Ich würde gerne ein Bild erstellen, auf den die Form eines Gegenstandes nur mit Text (verschiedene Namen von Personen) ausgefüllt ist. Da man das manuell ziemlich schwer umsetzen kann, würde ich gern wissen, ob es dafür einen Filter oder ein extra Programm gibt?


----------



## Mark (8. März 2004)

Hi!

Also, ASCII-Generatoren gibt es ja so einige (z.B. ASCGen ), habe aber noch nie gehört, daß man den "Wortschatz" bestimmen kann. Denn eben aus den Buchstabenkombinationen werden ja die "Grausstufen" erstellt und das diese mit "Wörtern" übereinstimmen ist, denke ich mal, unwahrscheinlicher als bei den bekannten Bild-aus-tausend-Bildern-Mosaiken...


----------



## lohokla (8. März 2004)

Erstmal Danke für die Antwort.
Mir ist schon wichtig, dass der Text aus konkreten Namen  und nicht aus willkürlichen Zeichen besteht.
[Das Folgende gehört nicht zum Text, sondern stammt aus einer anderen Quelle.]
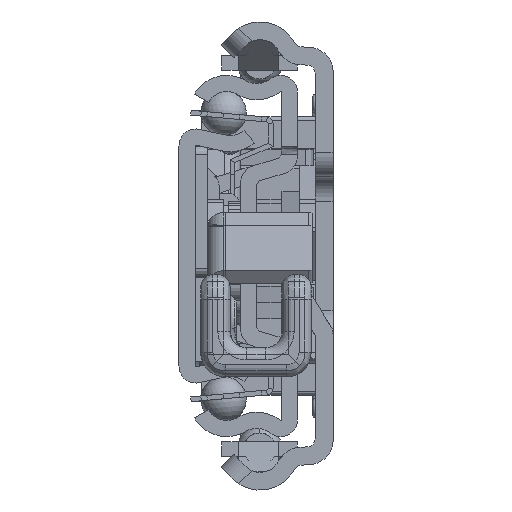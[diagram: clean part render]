
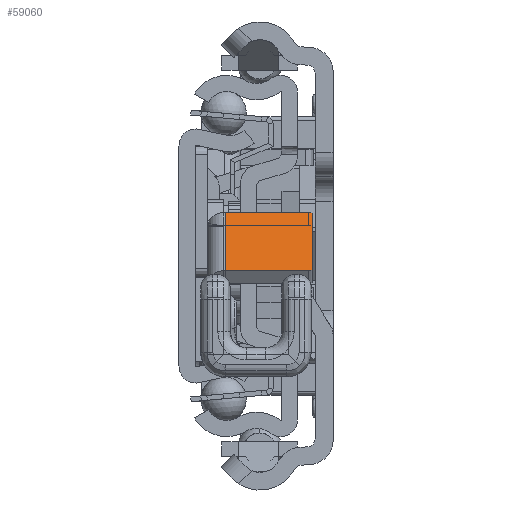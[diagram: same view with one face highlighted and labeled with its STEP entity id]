
A CAD part, left-side view. The second image highlights one B-rep face of the part: STEP entity #59060.
In plain terms, the highlighted planar face has unit normal (-0.597, 0, 0.802) as drawn and (-0.597, -0.802, 0) by its records, which use the part's own axes.
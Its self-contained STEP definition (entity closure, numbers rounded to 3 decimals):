
#58448=DIRECTION('',(0.802,-0.597,0.));
#58449=VECTOR('',#58448,12.);
#58450=CARTESIAN_POINT('',(31.957,-10.314,-0.2));
#58451=LINE('',#58450,#58449);
#58476=DIRECTION('',(0.,0.,1.));
#58477=VECTOR('',#58476,10.3);
#58478=CARTESIAN_POINT('',(41.586,-17.476,-10.5));
#58479=LINE('',#58478,#58477);
#58480=CARTESIAN_POINT('',(41.184,-17.178,-10.5));
#58481=DIRECTION('',(-0.597,-0.802,0.));
#58482=DIRECTION('',(0.,0.,-1.));
#58483=AXIS2_PLACEMENT_3D('',#58480,#58481,#58482);
#58485=DIRECTION('',(0.802,-0.597,0.));
#58486=VECTOR('',#58485,11.);
#58487=CARTESIAN_POINT('',(32.358,-10.613,-11.));
#58488=LINE('',#58487,#58486);
#58489=CARTESIAN_POINT('',(32.358,-10.613,-10.5));
#58490=DIRECTION('',(-0.597,-0.802,0.));
#58491=DIRECTION('',(-0.802,0.597,0.));
#58492=AXIS2_PLACEMENT_3D('',#58489,#58490,#58491);
#58494=DIRECTION('',(0.,0.,-1.));
#58495=VECTOR('',#58494,10.3);
#58496=CARTESIAN_POINT('',(31.957,-10.314,-0.2));
#58497=LINE('',#58496,#58495);
#58714=CARTESIAN_POINT('',(31.957,-10.314,-0.2));
#58715=CARTESIAN_POINT('',(41.586,-17.476,-0.2));
#58716=VERTEX_POINT('',#58714);
#58717=VERTEX_POINT('',#58715);
#58746=CARTESIAN_POINT('',(41.586,-17.476,-10.5));
#58747=VERTEX_POINT('',#58746);
#58748=CARTESIAN_POINT('',(32.358,-10.613,-11.));
#58749=CARTESIAN_POINT('',(41.184,-17.178,-11.));
#58750=VERTEX_POINT('',#58748);
#58751=VERTEX_POINT('',#58749);
#58752=CARTESIAN_POINT('',(31.957,-10.314,-10.5));
#58753=VERTEX_POINT('',#58752);
#59042=CARTESIAN_POINT('',(34.726,-12.374,2.));
#59043=DIRECTION('',(0.597,0.802,0.));
#59044=DIRECTION('',(0.802,-0.597,0.));
#59045=AXIS2_PLACEMENT_3D('',#59042,#59043,#59044);
#59046=PLANE('',#59045);
#59048=ORIENTED_EDGE('',*,*,#59047,.F.);
#59050=ORIENTED_EDGE('',*,*,#59049,.F.);
#59052=ORIENTED_EDGE('',*,*,#59051,.F.);
#59054=ORIENTED_EDGE('',*,*,#59053,.F.);
#59056=ORIENTED_EDGE('',*,*,#59055,.F.);
#59057=ORIENTED_EDGE('',*,*,#59029,.T.);
#59058=EDGE_LOOP('',(#59048,#59050,#59052,#59054,#59056,#59057));
#59059=FACE_OUTER_BOUND('',#59058,.F.);
#58484=CIRCLE('',#58483,0.5);
#58493=CIRCLE('',#58492,0.5);
#59029=EDGE_CURVE('',#58716,#58717,#58451,.T.);
#59047=EDGE_CURVE('',#58747,#58717,#58479,.T.);
#59049=EDGE_CURVE('',#58751,#58747,#58484,.T.);
#59051=EDGE_CURVE('',#58750,#58751,#58488,.T.);
#59053=EDGE_CURVE('',#58753,#58750,#58493,.T.);
#59055=EDGE_CURVE('',#58716,#58753,#58497,.T.);
#59060=ADVANCED_FACE('',(#59059),#59046,.F.);
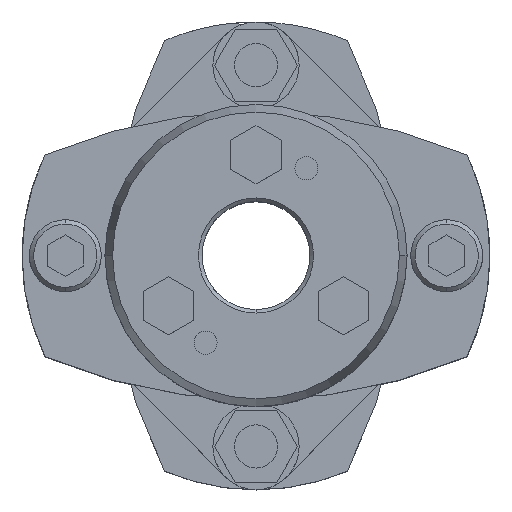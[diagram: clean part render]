
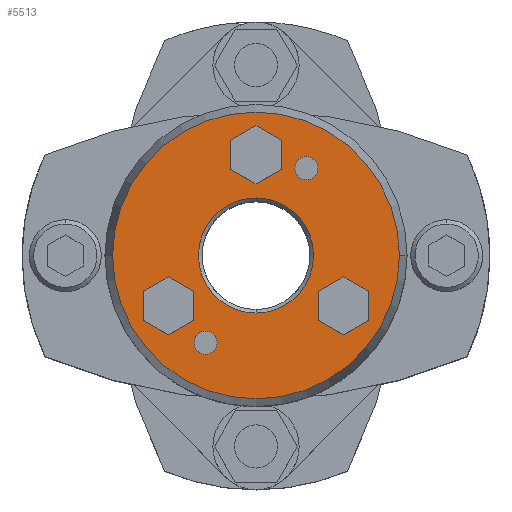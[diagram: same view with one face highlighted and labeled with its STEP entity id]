
A CAD part, top view. The second image highlights one B-rep face of the part: STEP entity #5513.
In plain terms, the highlighted planar face has unit normal (0, 0, 1).
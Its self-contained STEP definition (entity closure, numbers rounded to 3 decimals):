
#1783=CARTESIAN_POINT('',(-19.928,0.,40.0));
#1784=VERTEX_POINT('',#1783);
#1791=CARTESIAN_POINT('',(19.928,0.,40.0));
#1792=VERTEX_POINT('',#1791);
#1793=CARTESIAN_POINT('',(0.,0.,40.0));
#1794=DIRECTION('',(0.0,0.0,-1.0));
#1795=DIRECTION('',(-1.0,0.0,0.0));
#1796=AXIS2_PLACEMENT_3D('',#1793,#1794,#1795);
#1797=CIRCLE('',#1796,19.928);
#1798=EDGE_CURVE('',#1784,#1792,#1797,.T.);
#1893=CARTESIAN_POINT('',(0.,8.,40.0));
#1894=VERTEX_POINT('',#1893);
#1910=CARTESIAN_POINT('',(0.,-8.,40.0));
#1911=VERTEX_POINT('',#1910);
#1918=CARTESIAN_POINT('',(0.,0.,40.0));
#1919=DIRECTION('',(0.0,0.0,1.0));
#1920=DIRECTION('',(0.0,1.0,0.0));
#1921=AXIS2_PLACEMENT_3D('',#1918,#1919,#1920);
#1922=CIRCLE('',#1921,8.0);
#1923=EDGE_CURVE('',#1911,#1894,#1922,.T.);
#2041=CARTESIAN_POINT('',(7.,13.724,40.0));
#2042=VERTEX_POINT('',#2041);
#2058=CARTESIAN_POINT('',(7.,10.524,40.0));
#2059=VERTEX_POINT('',#2058);
#2066=CARTESIAN_POINT('',(7.,12.124,40.0));
#2067=DIRECTION('',(0.0,0.0,-1.0));
#2068=DIRECTION('',(0.0,1.0,0.0));
#2069=AXIS2_PLACEMENT_3D('',#2066,#2067,#2068);
#2070=CIRCLE('',#2069,1.6);
#2071=EDGE_CURVE('',#2042,#2059,#2070,.T.);
#2083=CARTESIAN_POINT('',(-7.,-10.524,40.0));
#2084=VERTEX_POINT('',#2083);
#2100=CARTESIAN_POINT('',(-7.,-13.724,40.0));
#2101=VERTEX_POINT('',#2100);
#2108=CARTESIAN_POINT('',(-7.,-12.124,40.0));
#2109=DIRECTION('',(0.0,0.0,-1.0));
#2110=DIRECTION('',(0.0,1.0,0.0));
#2111=AXIS2_PLACEMENT_3D('',#2108,#2109,#2110);
#2112=CIRCLE('',#2111,1.6);
#2113=EDGE_CURVE('',#2084,#2101,#2112,.T.);
#4716=CARTESIAN_POINT('',(-7.,-12.124,40.0));
#4717=DIRECTION('',(0.0,0.0,-1.0));
#4718=DIRECTION('',(0.0,1.0,0.0));
#4719=AXIS2_PLACEMENT_3D('',#4716,#4717,#4718);
#4720=CIRCLE('',#4719,1.6);
#4721=EDGE_CURVE('',#2101,#2084,#4720,.T.);
#4750=CARTESIAN_POINT('',(7.,12.124,40.0));
#4751=DIRECTION('',(0.0,0.0,-1.0));
#4752=DIRECTION('',(0.0,1.0,0.0));
#4753=AXIS2_PLACEMENT_3D('',#4750,#4751,#4752);
#4754=CIRCLE('',#4753,1.6);
#4755=EDGE_CURVE('',#2059,#2042,#4754,.T.);
#4793=CARTESIAN_POINT('',(0.,18.041,40.0));
#4794=VERTEX_POINT('',#4793);
#4801=CARTESIAN_POINT('',(-3.5,16.021,40.0));
#4802=VERTEX_POINT('',#4801);
#4803=CARTESIAN_POINT('',(-3.5,16.021,40.0));
#4804=DIRECTION('',(0.866,0.5,0.0));
#4805=VECTOR('',#4804,4.041);
#4806=LINE('',#4803,#4805);
#4807=EDGE_CURVE('',#4802,#4794,#4806,.T.);
#4831=CARTESIAN_POINT('',(3.5,16.021,40.0));
#4832=VERTEX_POINT('',#4831);
#4839=CARTESIAN_POINT('',(0.,18.041,40.0));
#4840=DIRECTION('',(0.866,-0.5,0.0));
#4841=VECTOR('',#4840,4.041);
#4842=LINE('',#4839,#4841);
#4843=EDGE_CURVE('',#4794,#4832,#4842,.T.);
#4862=CARTESIAN_POINT('',(3.5,11.979,40.0));
#4863=VERTEX_POINT('',#4862);
#4870=CARTESIAN_POINT('',(3.5,16.021,40.0));
#4871=DIRECTION('',(0.0,-1.0,0.0));
#4872=VECTOR('',#4871,4.041);
#4873=LINE('',#4870,#4872);
#4874=EDGE_CURVE('',#4832,#4863,#4873,.T.);
#4893=CARTESIAN_POINT('',(0.,9.959,40.0));
#4894=VERTEX_POINT('',#4893);
#4901=CARTESIAN_POINT('',(3.5,11.979,40.0));
#4902=DIRECTION('',(-0.866,-0.5,0.0));
#4903=VECTOR('',#4902,4.041);
#4904=LINE('',#4901,#4903);
#4905=EDGE_CURVE('',#4863,#4894,#4904,.T.);
#4924=CARTESIAN_POINT('',(-3.5,11.979,40.0));
#4925=VERTEX_POINT('',#4924);
#4932=CARTESIAN_POINT('',(0.,9.959,40.0));
#4933=DIRECTION('',(-0.866,0.5,0.0));
#4934=VECTOR('',#4933,4.041);
#4935=LINE('',#4932,#4934);
#4936=EDGE_CURVE('',#4894,#4925,#4935,.T.);
#4954=CARTESIAN_POINT('',(-3.5,11.979,40.0));
#4955=DIRECTION('',(0.0,1.0,0.0));
#4956=VECTOR('',#4955,4.041);
#4957=LINE('',#4954,#4956);
#4958=EDGE_CURVE('',#4925,#4802,#4957,.T.);
#4993=CARTESIAN_POINT('',(-12.124,-2.959,40.0));
#4994=VERTEX_POINT('',#4993);
#5001=CARTESIAN_POINT('',(-15.624,-4.979,40.0));
#5002=VERTEX_POINT('',#5001);
#5003=CARTESIAN_POINT('',(-15.624,-4.979,40.0));
#5004=DIRECTION('',(0.866,0.5,0.0));
#5005=VECTOR('',#5004,4.041);
#5006=LINE('',#5003,#5005);
#5007=EDGE_CURVE('',#5002,#4994,#5006,.T.);
#5031=CARTESIAN_POINT('',(-8.624,-4.979,40.0));
#5032=VERTEX_POINT('',#5031);
#5039=CARTESIAN_POINT('',(-12.124,-2.959,40.0));
#5040=DIRECTION('',(0.866,-0.5,0.0));
#5041=VECTOR('',#5040,4.041);
#5042=LINE('',#5039,#5041);
#5043=EDGE_CURVE('',#4994,#5032,#5042,.T.);
#5062=CARTESIAN_POINT('',(-8.624,-9.021,40.0));
#5063=VERTEX_POINT('',#5062);
#5070=CARTESIAN_POINT('',(-8.624,-4.979,40.0));
#5071=DIRECTION('',(0.0,-1.0,0.0));
#5072=VECTOR('',#5071,4.041);
#5073=LINE('',#5070,#5072);
#5074=EDGE_CURVE('',#5032,#5063,#5073,.T.);
#5093=CARTESIAN_POINT('',(-12.124,-11.041,40.0));
#5094=VERTEX_POINT('',#5093);
#5101=CARTESIAN_POINT('',(-8.624,-9.021,40.0));
#5102=DIRECTION('',(-0.866,-0.5,0.0));
#5103=VECTOR('',#5102,4.041);
#5104=LINE('',#5101,#5103);
#5105=EDGE_CURVE('',#5063,#5094,#5104,.T.);
#5124=CARTESIAN_POINT('',(-15.624,-9.021,40.0));
#5125=VERTEX_POINT('',#5124);
#5132=CARTESIAN_POINT('',(-12.124,-11.041,40.0));
#5133=DIRECTION('',(-0.866,0.5,0.0));
#5134=VECTOR('',#5133,4.041);
#5135=LINE('',#5132,#5134);
#5136=EDGE_CURVE('',#5094,#5125,#5135,.T.);
#5154=CARTESIAN_POINT('',(-15.624,-9.021,40.0));
#5155=DIRECTION('',(0.0,1.0,0.0));
#5156=VECTOR('',#5155,4.041);
#5157=LINE('',#5154,#5156);
#5158=EDGE_CURVE('',#5125,#5002,#5157,.T.);
#5193=CARTESIAN_POINT('',(12.124,-2.959,40.0));
#5194=VERTEX_POINT('',#5193);
#5201=CARTESIAN_POINT('',(8.624,-4.979,40.0));
#5202=VERTEX_POINT('',#5201);
#5203=CARTESIAN_POINT('',(8.624,-4.979,40.0));
#5204=DIRECTION('',(0.866,0.5,0.0));
#5205=VECTOR('',#5204,4.041);
#5206=LINE('',#5203,#5205);
#5207=EDGE_CURVE('',#5202,#5194,#5206,.T.);
#5231=CARTESIAN_POINT('',(15.624,-4.979,40.0));
#5232=VERTEX_POINT('',#5231);
#5239=CARTESIAN_POINT('',(12.124,-2.959,40.0));
#5240=DIRECTION('',(0.866,-0.5,0.0));
#5241=VECTOR('',#5240,4.041);
#5242=LINE('',#5239,#5241);
#5243=EDGE_CURVE('',#5194,#5232,#5242,.T.);
#5262=CARTESIAN_POINT('',(15.624,-9.021,40.0));
#5263=VERTEX_POINT('',#5262);
#5270=CARTESIAN_POINT('',(15.624,-4.979,40.0));
#5271=DIRECTION('',(0.0,-1.0,0.0));
#5272=VECTOR('',#5271,4.041);
#5273=LINE('',#5270,#5272);
#5274=EDGE_CURVE('',#5232,#5263,#5273,.T.);
#5293=CARTESIAN_POINT('',(12.124,-11.041,40.0));
#5294=VERTEX_POINT('',#5293);
#5301=CARTESIAN_POINT('',(15.624,-9.021,40.0));
#5302=DIRECTION('',(-0.866,-0.5,0.0));
#5303=VECTOR('',#5302,4.041);
#5304=LINE('',#5301,#5303);
#5305=EDGE_CURVE('',#5263,#5294,#5304,.T.);
#5324=CARTESIAN_POINT('',(8.624,-9.021,40.0));
#5325=VERTEX_POINT('',#5324);
#5332=CARTESIAN_POINT('',(12.124,-11.041,40.0));
#5333=DIRECTION('',(-0.866,0.5,0.0));
#5334=VECTOR('',#5333,4.041);
#5335=LINE('',#5332,#5334);
#5336=EDGE_CURVE('',#5294,#5325,#5335,.T.);
#5354=CARTESIAN_POINT('',(8.624,-9.021,40.0));
#5355=DIRECTION('',(0.0,1.0,0.0));
#5356=VECTOR('',#5355,4.041);
#5357=LINE('',#5354,#5356);
#5358=EDGE_CURVE('',#5325,#5202,#5357,.T.);
#5450=CARTESIAN_POINT('',(0.,0.,40.0));
#5451=DIRECTION('',(0.0,0.0,1.0));
#5452=DIRECTION('',(0.0,1.0,0.0));
#5453=AXIS2_PLACEMENT_3D('',#5450,#5451,#5452);
#5454=CIRCLE('',#5453,8.0);
#5455=EDGE_CURVE('',#1894,#1911,#5454,.T.);
#5462=CARTESIAN_POINT('',(-9.964,0.,40.0));
#5463=DIRECTION('',(0.0,0.0,1.0));
#5464=DIRECTION('',(0.0,1.0,0.0));
#5465=AXIS2_PLACEMENT_3D('',#5462,#5463,#5464);
#5466=PLANE('',#5465);
#5467=ORIENTED_EDGE('',*,*,#1798,.F.);
#5468=CARTESIAN_POINT('',(0.,0.,40.0));
#5469=DIRECTION('',(0.0,0.0,-1.0));
#5470=DIRECTION('',(-1.0,0.0,0.0));
#5471=AXIS2_PLACEMENT_3D('',#5468,#5469,#5470);
#5472=CIRCLE('',#5471,19.928);
#5473=EDGE_CURVE('',#1792,#1784,#5472,.T.);
#5474=ORIENTED_EDGE('',*,*,#5473,.F.);
#5475=EDGE_LOOP('',(#5467,#5474));
#5476=FACE_OUTER_BOUND('',#5475,.T.);
#5477=ORIENTED_EDGE('',*,*,#2113,.T.);
#5478=ORIENTED_EDGE('',*,*,#4721,.T.);
#5479=EDGE_LOOP('',(#5477,#5478));
#5480=FACE_BOUND('',#5479,.T.);
#5481=ORIENTED_EDGE('',*,*,#2071,.T.);
#5482=ORIENTED_EDGE('',*,*,#4755,.T.);
#5483=EDGE_LOOP('',(#5481,#5482));
#5484=FACE_BOUND('',#5483,.T.);
#5485=ORIENTED_EDGE('',*,*,#4807,.T.);
#5486=ORIENTED_EDGE('',*,*,#4843,.T.);
#5487=ORIENTED_EDGE('',*,*,#4874,.T.);
#5488=ORIENTED_EDGE('',*,*,#4905,.T.);
#5489=ORIENTED_EDGE('',*,*,#4936,.T.);
#5490=ORIENTED_EDGE('',*,*,#4958,.T.);
#5491=EDGE_LOOP('',(#5485,#5486,#5487,#5488,#5489,#5490));
#5492=FACE_BOUND('',#5491,.T.);
#5493=ORIENTED_EDGE('',*,*,#5007,.T.);
#5494=ORIENTED_EDGE('',*,*,#5043,.T.);
#5495=ORIENTED_EDGE('',*,*,#5074,.T.);
#5496=ORIENTED_EDGE('',*,*,#5105,.T.);
#5497=ORIENTED_EDGE('',*,*,#5136,.T.);
#5498=ORIENTED_EDGE('',*,*,#5158,.T.);
#5499=EDGE_LOOP('',(#5493,#5494,#5495,#5496,#5497,#5498));
#5500=FACE_BOUND('',#5499,.T.);
#5501=ORIENTED_EDGE('',*,*,#5207,.T.);
#5502=ORIENTED_EDGE('',*,*,#5243,.T.);
#5503=ORIENTED_EDGE('',*,*,#5274,.T.);
#5504=ORIENTED_EDGE('',*,*,#5305,.T.);
#5505=ORIENTED_EDGE('',*,*,#5336,.T.);
#5506=ORIENTED_EDGE('',*,*,#5358,.T.);
#5507=EDGE_LOOP('',(#5501,#5502,#5503,#5504,#5505,#5506));
#5508=FACE_BOUND('',#5507,.T.);
#5509=ORIENTED_EDGE('',*,*,#1923,.F.);
#5510=ORIENTED_EDGE('',*,*,#5455,.F.);
#5511=EDGE_LOOP('',(#5509,#5510));
#5512=FACE_BOUND('',#5511,.T.);
#5513=ADVANCED_FACE('',(#5476,#5480,#5484,#5492,#5500,#5508,#5512),#5466,.T.);
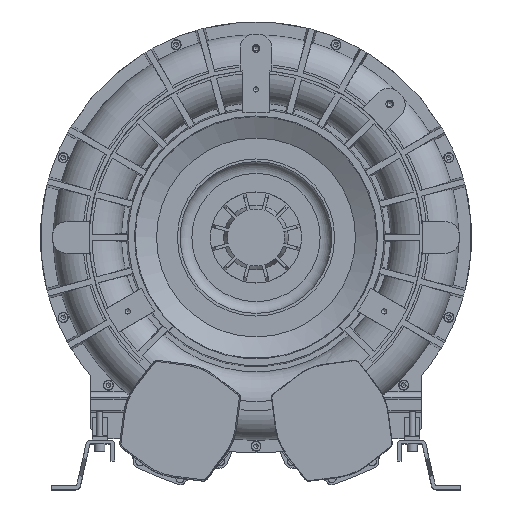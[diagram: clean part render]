
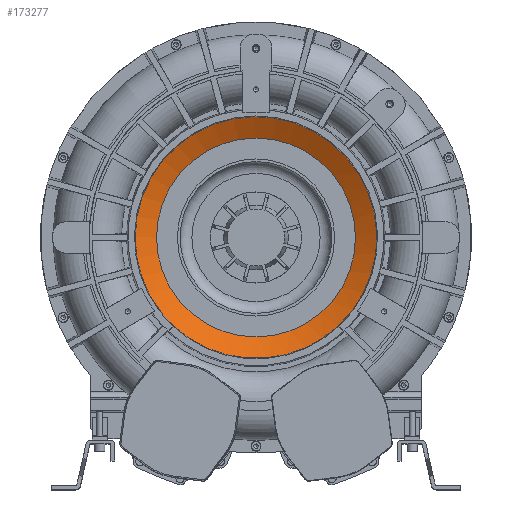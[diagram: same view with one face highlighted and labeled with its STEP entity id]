
A CAD part, top view. The second image highlights one B-rep face of the part: STEP entity #173277.
In plain terms, the highlighted conical face has half-angle 62 degrees and reference radius 131.023 mm.
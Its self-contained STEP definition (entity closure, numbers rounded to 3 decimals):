
#9832 = CARTESIAN_POINT ( 'NONE',  ( 0., 0., 215.5 ) ) ;
#32661 = EDGE_LOOP ( 'NONE', ( #80340 ) ) ;
#37073 = DIRECTION ( 'NONE',  ( -1., 0., 0. ) ) ;
#37420 = CIRCLE ( 'NONE', #212511, 159.217 ) ;
#43924 = CIRCLE ( 'NONE', #83326, 131.023 ) ;
#65598 = CARTESIAN_POINT ( 'NONE',  ( -131.023, 0., 215.5 ) ) ;
#75584 = DIRECTION ( 'NONE',  ( 1., 0., 0. ) ) ;
#80340 = ORIENTED_EDGE ( 'NONE', *, *, #232100, .F. ) ;
#83326 = AXIS2_PLACEMENT_3D ( 'NONE', #104932, #205090, #100863 ) ;
#100863 = DIRECTION ( 'NONE',  ( -1., 0., 0. ) ) ;
#104932 = CARTESIAN_POINT ( 'NONE',  ( 0., 0., 215.5 ) ) ;
#108160 = VERTEX_POINT ( 'NONE', #65598 ) ;
#118416 = EDGE_LOOP ( 'NONE', ( #143746 ) ) ;
#127415 = CARTESIAN_POINT ( 'NONE',  ( -159.217, 0., 230.491 ) ) ;
#143746 = ORIENTED_EDGE ( 'NONE', *, *, #222810, .F. ) ;
#161163 = CONICAL_SURFACE ( 'NONE', #218052, 131.023, 1.082 ) ;
#166031 = CARTESIAN_POINT ( 'NONE',  ( 0., 0., 230.491 ) ) ;
#173277 = ADVANCED_FACE ( 'NONE', ( #203103, #222342 ), #161163, .F. ) ;
#203103 = FACE_OUTER_BOUND ( 'NONE', #32661, .T. ) ;
#205090 = DIRECTION ( 'NONE',  ( 0., 0., 1. ) ) ;
#211075 = VERTEX_POINT ( 'NONE', #127415 ) ;
#212511 = AXIS2_PLACEMENT_3D ( 'NONE', #166031, #230435, #37073 ) ;
#218052 = AXIS2_PLACEMENT_3D ( 'NONE', #9832, #262129, #75584 ) ;
#222342 = FACE_BOUND ( 'NONE', #118416, .T. ) ;
#222810 = EDGE_CURVE ( 'NONE', #108160, #108160, #43924, .T. ) ;
#230435 = DIRECTION ( 'NONE',  ( 0., 0., -1. ) ) ;
#232100 = EDGE_CURVE ( 'NONE', #211075, #211075, #37420, .T. ) ;
#262129 = DIRECTION ( 'NONE',  ( 0., 0., 1. ) ) ;

Ich will eigentlich nur eine simple Form (Kreis, Quadrat) einfarbig mit Namen füllen, aber kein Graustufen-Bild in Ascii umwandeln.


----------



## Philip Kurz (8. März 2004)

In Photoshop CS geht das ziemlich einfach.
Nur deine Form per Pfad erstellen und dann kannst du deinen Text in diesen Pfad hineinschreiben.
Eine Lösung für andere Versionen fällt mir spontan nicht ein.
Aber wir hatten schonmal ein ähnliches Thema mit einem Cowboyhut ...
/edit
Tja, wer hätte gedacht, dass man mit dem Suchbegriff "Hut" Ergebnisse im Photoshopforum erhält  

http://www.tutorials.de/forum/showthread.php?threadid=143539&highlight=Hut

Ich hoffe der Link hilft dir ein wenig weiter.


----------



## lohokla (8. März 2004)

Sowas hab ich gesucht - bei mir gehts sogar auch um das ABI-Shirt 
Zu dumm dass ich nicht selbst drauf gekommen bin, nach "Hut" zu suchen 
Ich wert die beiden beschriebenen Methoden demnächst Mal ausprobieren...  Danke!


----------